# Solution 2 (best solution)

In [7]:
%%capture
!python -m spacy download ru_core_web_sm

In [30]:
import pandas as pd
import spacy
from spacy.tokens import DocBin
from tqdm import tqdm
from spacy.util import filter_spans
from sklearn.model_selection import train_test_split
import shutil
import warnings

warnings.filterwarnings("ignore")

In [31]:
# Read train data and split it into train and validation sets
train_original_df = pd.read_json("../data/train.jsonl", lines=True)

train_df, val_df = train_test_split(train_original_df, test_size=0.2, random_state=42)

In [32]:
# Get labels from train data
labels = set()
for _, row in train_original_df.iterrows():
    ners = row["ners"]
    for ner in ners:
        labels.add(ner[2])

label_mapping = {i: label for i, label in enumerate(sorted(labels))}

label_mapping

{0: 'AGE',
 1: 'AWARD',
 2: 'CITY',
 3: 'COUNTRY',
 4: 'CRIME',
 5: 'DATE',
 6: 'DISEASE',
 7: 'DISTRICT',
 8: 'EVENT',
 9: 'FACILITY',
 10: 'FAMILY',
 11: 'IDEOLOGY',
 12: 'LANGUAGE',
 13: 'LAW',
 14: 'LOCATION',
 15: 'MONEY',
 16: 'NATIONALITY',
 17: 'NUMBER',
 18: 'ORDINAL',
 19: 'ORGANIZATION',
 20: 'PENALTY',
 21: 'PERCENT',
 22: 'PERSON',
 23: 'PRODUCT',
 24: 'PROFESSION',
 25: 'RELIGION',
 26: 'STATE_OR_PROVINCE',
 27: 'TIME',
 28: 'WORK_OF_ART'}

In [33]:
def dataframe_to_spacy(df, output_file_path):
    # Create a blank spacy model
    nlp = spacy.blank("ru")
    doc_bin = DocBin()

    # Add the labels to the doc_bin
    for _, row in tqdm(df.iterrows(), total=len(df)):
        text = row["sentences"]
        doc = nlp.make_doc(text)
        ents = []
        for start, end, label in row["ners"]:
            span = doc.char_span(start, end + 1, label=label, alignment_mode="contract")

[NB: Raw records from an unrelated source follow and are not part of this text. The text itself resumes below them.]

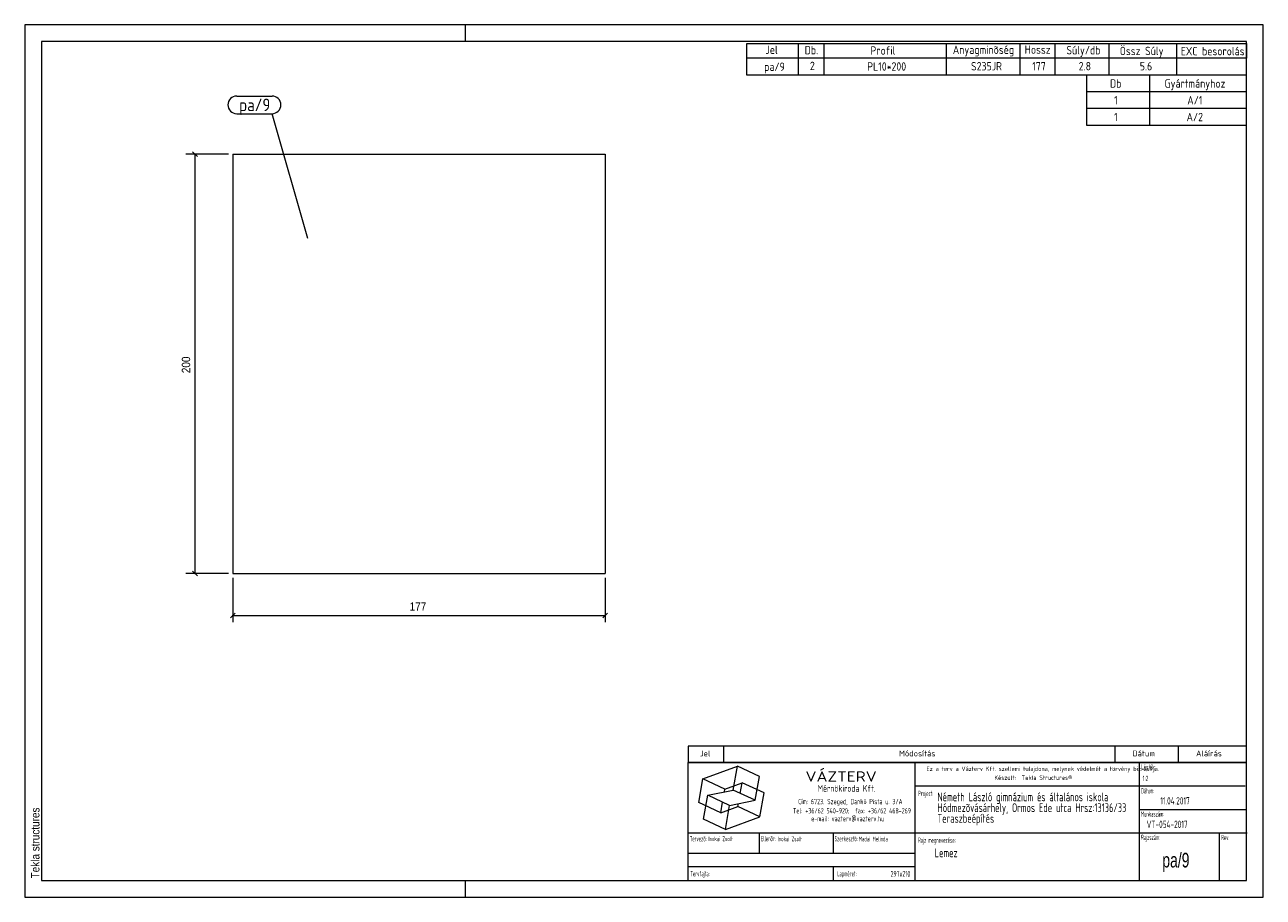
# Model space of a CAD drawing. Header units: millimetres. Extents: x 1 to 296, y 1 to 209.
import ezdxf

# ---------------------------------------------------------------- set-up
doc = ezdxf.new("R2010")
doc.units = ezdxf.units.MM
doc.linetypes.add('XKITLINE00', pattern=[0])
for name, color, linetype, lineweight in [('Bemassung', 1, 'Continuous', 0), ('Teil', 7, 'Continuous', 0), ('Text', 5, 'Continuous', 0), ('Ueberschrift', 7, 'Continuous', 0), ('Zeichnungsrahmen', 3, 'Continuous', 0)]:
    doc.layers.add(name, color=color, linetype=linetype, lineweight=lineweight)
doc.styles.add('ARIAL', font='ARIAL.TTF')
doc.styles.add('ISOCPEUR', font='ISOCPEUR.TTF')
doc.styles.add('ISOCPEUR_BOLD', font='ARIAL.TTF')
doc.styles.add('ISOCPUER', font='ARIAL.TTF')

msp = doc.modelspace()

# ---------------------------------------------------------------- linework, layer by layer
at = {"layer": 'Bemassung', "linetype": 'XKITLINE00', "lineweight": 0}
for p, q in [((49.55, 178.17), (39.4, 178.17)), ((40.98, 178.73), (42.12, 177.6)), ((41.55, 78.17), (41.55, 178.17)), ((49.55, 78.17), (39.4, 78.17)), ((40.98, 78.73), (42.12, 77.6)), ((50.55, 77.17), (50.55, 66.57)), ((139.26, 77.17), (139.26, 66.57)), ((51.12, 68.73), (49.98, 67.6)), ((50.55, 68.17), (139.26, 68.17)), ((139.83, 68.73), (138.7, 67.6))]:
    msp.add_line(p, q, dxfattribs=at)
at = {"layer": 'Bemassung'}
for p in [(41.55, 178.17), (41.55, 78.17), (50.55, 68.17), (139.26, 68.17)]:
    msp.add_point(p, dxfattribs=at)
at = {"layer": 'Teil', "linetype": 'XKITLINE00', "lineweight": 0}
for p, q in [((50.55, 178.17), (50.55, 78.17)), ((50.55, 178.17), (139.26, 178.17)), ((139.26, 178.17), (139.26, 78.17)), ((50.55, 78.17), (139.26, 78.17))]:
    msp.add_line(p, q, dxfattribs=at)
at = {"layer": 'Text', "linetype": 'XKITLINE00', "lineweight": 0}
for p, q in [((51.48, 192), (59.9, 192)), ((51.48, 187.8), (59.9, 187.8)), ((68.44, 158.02), (59.9, 187.8))]:
    msp.add_line(p, q, dxfattribs=at)
for centre, start, end in [((51.48, 189.9), 90, 270), ((59.9, 189.9), 270, 90)]:
    msp.add_arc(centre, 2.1, start, end, dxfattribs=at)
at = {"layer": 'Ueberschrift', "linetype": 'XKITLINE00', "lineweight": 0}
for p, q in [((173, 204.54), (292, 204.54)), ((173, 201.04), (173, 204.54)), ((185.3, 201.04), (185.3, 204.54)), ((191.44, 201.04), (191.44, 204.54)), ((220.54, 201.04), (220.54, 204.54)), ((238.09, 201.05), (238.09, 204.55)), ((246.43, 201.04), (246.43, 204.54)), ((259.28, 201.04), (259.28, 204.54)), ((275.4, 201.02), (275.4, 204.52)), ((292, 204.54), (292, 201.04)), ((292, 201.04), (173, 201.04)), ((173, 197), (173, 201)), ((185.3, 197), (185.3, 201)), ((191.44, 197), (191.44, 201)), ((220.54, 197), (220.54, 201)), ((238.09, 197), (238.09, 201)), ((246.43, 197), (246.43, 201)), ((259.28, 197), (259.28, 201)), ((275.41, 197), (275.41, 201)), ((292, 197), (173, 197)), ((254, 193), (254, 197)), ((269, 193), (269, 197)), ((292, 193), (254, 193)), ((254, 189), (254, 193)), ((269, 189), (269, 193)), ((292, 189), (254, 189)), ((254, 185), (254, 189)), ((269, 185), (269, 189)), ((292, 185), (254, 185)), ((159, 37.07), (292, 37.07)), ((159, 37), (159, 33.14)), ((167.4, 37), (167.4, 33.14)), ((260.64, 37.07), (260.64, 33.21)), ((275.76, 37.07), (275.76, 33.21)), ((159, 33.22), (292, 33.22)), ((159, 33.14), (292, 33.14)), ((159, 5), (159, 33.14)), ((213.11, 5), (213.11, 33.14)), ((266.49, 5), (266.49, 33.14)), ((162.55, 29.24), (170.77, 32.23)), ((169.77, 26.55), (170.77, 32.23)), ((176, 29.79), (170.77, 32.23)), ((175, 24.11), (176, 29.79)), ((161.54, 23.55), (162.55, 29.24)), ((167.78, 26.8), (162.55, 29.24)), ((167.66, 26.12), (167.78, 26.8)), ((167.78, 26.8), (171.89, 28.3)), ((171.44, 25.76), (171.89, 28.3)), ((177.12, 25.86), (171.89, 28.3)), ((213.11, 27.54), (291.69, 27.54)), ((162.67, 19.62), (163.67, 25.3)), ((163.67, 25.3), (169.77, 26.55)), ((168.9, 22.86), (163.67, 25.3)), ((166.78, 21.11), (167.22, 23.65)), ((168.9, 22.86), (175, 24.11)), ((175, 24.11), (169.77, 26.55)), ((176.12, 20.17), (177.12, 25.86)), ((166.78, 21.11), (161.54, 23.55)), ((166.78, 21.11), (170.89, 22.61)), ((167.9, 17.18), (168.9, 22.86)), ((170.89, 22.61), (171.01, 23.29)), ((176.12, 20.17), (170.89, 22.61)), ((266.49, 21.94), (292, 21.94)), ((167.9, 17.18), (162.67, 19.62)), ((167.9, 17.18), (176.12, 20.17)), ((159, 16.34), (292.21, 16.34)), ((175.99, 11.48), (175.99, 16.39)), ((193.55, 16.39), (193.55, 11.49)), ((285.52, 16.28), (285.52, 5)), ((159.07, 11.49), (213.14, 11.49)), ((159.04, 8.34), (213.11, 8.34)), ((193.55, 8.31), (193.55, 5.13))]:
    msp.add_line(p, q, dxfattribs=at)
at = {"layer": 'Zeichnungsrahmen', "linetype": 'XKITLINE00', "lineweight": 0}
for p, q in [((296, 209), (1, 209)), ((1, 209), (1, 1)), ((106, 205), (106, 209)), ((296, 1), (296, 209)), ((292, 205), (5, 205)), ((5, 205), (5, 5)), ((292, 5), (292, 205)), ((5, 5), (292, 5)), ((106, 1), (106, 5)), ((1, 1), (296, 1))]:
    msp.add_line(p, q, dxfattribs=at)

# ---------------------------------------------------------------- texts
at = {"layer": 'Bemassung', "style": 'ISOCPUER', "width": 0.85}
msp.add_text('200', height=2, rotation=90.0002, dxfattribs=at).set_placement((40.4, 125.94))
msp.add_text('177', height=2, dxfattribs=at).set_placement((92.68, 69.32))
at = {"layer": 'Text', "style": 'ISOCPEUR', "width": 0.85}
msp.add_text('pa/9', height=3, dxfattribs=at).set_placement((52.08, 188.4))
at = {"layer": 'Ueberschrift'}
for s, height, style, width, p in [('Jel', 2, 'ISOCPEUR', 0.85, (177.44, 202.04)), ('Db.', 2, 'ISOCPEUR', 0.85, (186.78, 201.95)), ('Profil', 2, 'ISOCPEUR', 0.85, (202.44, 201.86)), ('Anyagminõség', 2, 'ISOCPEUR', 0.85, (222.06, 202.04)), ('Hossz', 2, 'ISOCPEUR', 0.85, (239.18, 202.08)), ('Súly/db', 2, 'ISOCPEUR', 0.85, (249.11, 201.94)), ('Össz Súly', 2, 'ISOCPEUR', 0.85, (261.83, 201.76)), ('EXC besorolás', 2, 'ISOCPEUR', 0.85, (276.36, 201.71)), ('pa/9', 2, 'ISOCPEUR', 0.85, (177.11, 198)), ('2', 2, 'ISOCPEUR', 0.85, (188.02, 198.19)), ('PL10*200', 2, 'ISOCPEUR', 0.85, (201.66, 198.05)), ('S235JR', 2, 'ISOCPEUR', 0.85, (226.39, 198.11)), ('177', 2, 'ISOCPEUR', 0.85, (240.97, 198.11)), ('2.8', 2, 'ISOCPEUR', 0.85, (252.04, 198.12)), ('5.6', 2, 'ISOCPEUR', 0.85, (266.59, 198.12)), ('Db', 2, 'ISOCPEUR', 0.85, (259.5, 194)), ('Gyártmányhoz', 2, 'ISOCPEUR', 0.85, (272.5, 194)), ('1', 2, 'ISOCPEUR', 0.85, (260.48, 190)), ('A/1', 2, 'ISOCPEUR', 0.85, (277.91, 190)), ('1', 2, 'ISOCPEUR', 0.85, (260.48, 186)), ('A/2', 2, 'ISOCPEUR', 0.85, (277.74, 186)), ('Jel', 1.4, 'ISOCPEUR', 0.85, (161.84, 34.58)), ('Módosítás', 1.4, 'ISOCPEUR', 0.85, (209.25, 34.58)), ('Dátum', 1.4, 'ISOCPEUR', 0.85, (264.86, 34.58)), ('Aláírás', 1.4, 'ISOCPEUR', 0.85, (280, 34.58)), ('Lépték:', 1.26, 'ISOCPEUR', 0.51, (266.96, 31.43)), ('VÁZTERV', 2.45, 'ISOCPEUR', 1.19, (186.96, 28.56)), ('Ez a terv a Vázterv Kft. szellemi tulajdona, melynek védelmét a törvény biztosítja.', 1.05, 'ISOCPEUR', 0.838832, (215.8, 31.11)), ('Készült:  Tekla Structures®', 1.05, 'ISOCPEUR', 0.838832, (231.96, 28.98)), ('1:2', 1.26, 'ISOCPEUR', 0.595, (267.27, 28.7)), ('Mérnökiroda Kft.', 1.61, 'ISOCPEUR', 0.68, (189.86, 26.15)), ('Dátum:', 1.26, 'ISOCPEUR', 0.51, (266.91, 25.76)), ('Cím: 6723. Szeged, Dankó Pista u. 3/A', 1.26, 'ISOCPEUR', 0.68, (185.24, 23.18)), ('Project:', 1.26, 'ISOCPEUR', 0.51, (213.81, 25.12)), ('Németh László gimnázium és általános iskola', 2.1, 'ISOCPEUR', 0.595, (218.39, 23.87)), ('Hódmezõvásárhely, Ormos Ede utca Hrsz:13136/33', 2.1, 'ISOCPEUR', 0.595, (218.4, 21.31)), ('11.04.2017', 1.75, 'ISOCPEUR', 0.595, (271.48, 23.11)), ('Tel: +36/62 540-920;  fax: +36/62 468-269', 1.26, 'ISOCPEUR', 0.68, (183.98, 20.99)), ('Teraszbeépítés', 2.1, 'ISOCPEUR', 0.595, (218.4, 18.75)), ('Munkaszám:', 1.26, 'ISOCPEUR', 0.51, (266.87, 20.23)), ('e-mail: vazterv@vazterv.hu', 1.26, 'ISOCPEUR', 0.68, (188.32, 19.12)), ('VT-054-2017', 1.75, 'ISOCPEUR', 0.595, (268.23, 17.51)), ('Tervezõ:', 1.26, 'ISOCPEUR', 0.51, (159.4, 14.32)), ('Inokai Zsolt', 1.12, 'ISOCPEUR', 0.595, (163.85, 14.37)), ('Ellenõr:', 1.26, 'ISOCPEUR', 0.51, (176.35, 14.35)), ('Inokai Zsolt', 1.12, 'ISOCPEUR', 0.595, (180.32, 14.35)), ('Szerkesztõ:', 1.26, 'ISOCPEUR', 0.51, (193.9, 14.32)), ('Madai Melinda', 1.12, 'ISOCPEUR', 0.595, (199.65, 14.33)), ('Rajz megnevezése:', 1.26, 'ISOCPEUR', 0.51, (213.8, 13.98)), ('Rajzszám:', 1.26, 'ISOCPEUR', 0.51, (266.92, 14.65)), ('Rev:', 1.26, 'ISOCPEUR', 0.51, (285.98, 14.62)), ('Lemez', 2.1, 'ISOCPEUR', 0.595, (217.73, 10.54)), ('pa/9', 3.5, 'ISOCPEUR_BOLD', 0.68, (271.96, 8.1)), ('Tervfajta:', 1.26, 'ISOCPEUR', 0.51, (159.53, 5.99)), ('Lapméret:', 1.26, 'ISOCPEUR', 0.51, (194.51, 5.99)), ('297x210', 1.4, 'ISOCPEUR', 0.595, (207.25, 5.89))]:
    msp.add_text(s, height=height, dxfattribs=dict(at, style=style, width=width)).set_placement(p)
at = {"layer": 'Zeichnungsrahmen', "style": 'ARIAL', "width": 0.85}
msp.add_text('Tekla structures', height=2, rotation=90, dxfattribs=at).set_placement((4.5, 5.5))

doc.saveas('drawing.dxf')

            # Skip if span is None (incorrect annotation for spaCy)
            if span is None:
                # print("Skipping entity:", start, end, label, text[start:end + 1])
                continue

            # Skip if span text is not the same as the text in the dataset (incorrect spaces in the annotation)
            if span.text != span.text.strip():
                # print("ERROR entity:", start, end, label, "'" + span.text + "'")
                continue

            ents.append(span)

        # Set the entities to the doc
        filtered_ents = filter_spans(ents)
        doc.ents = filtered_ents
        doc_bin.add(doc)

    # Save the doc_bin
    doc_bin.to_disk(output_file_path)

In [34]:
dataframe_to_spacy(train_df, "training_data.spacy")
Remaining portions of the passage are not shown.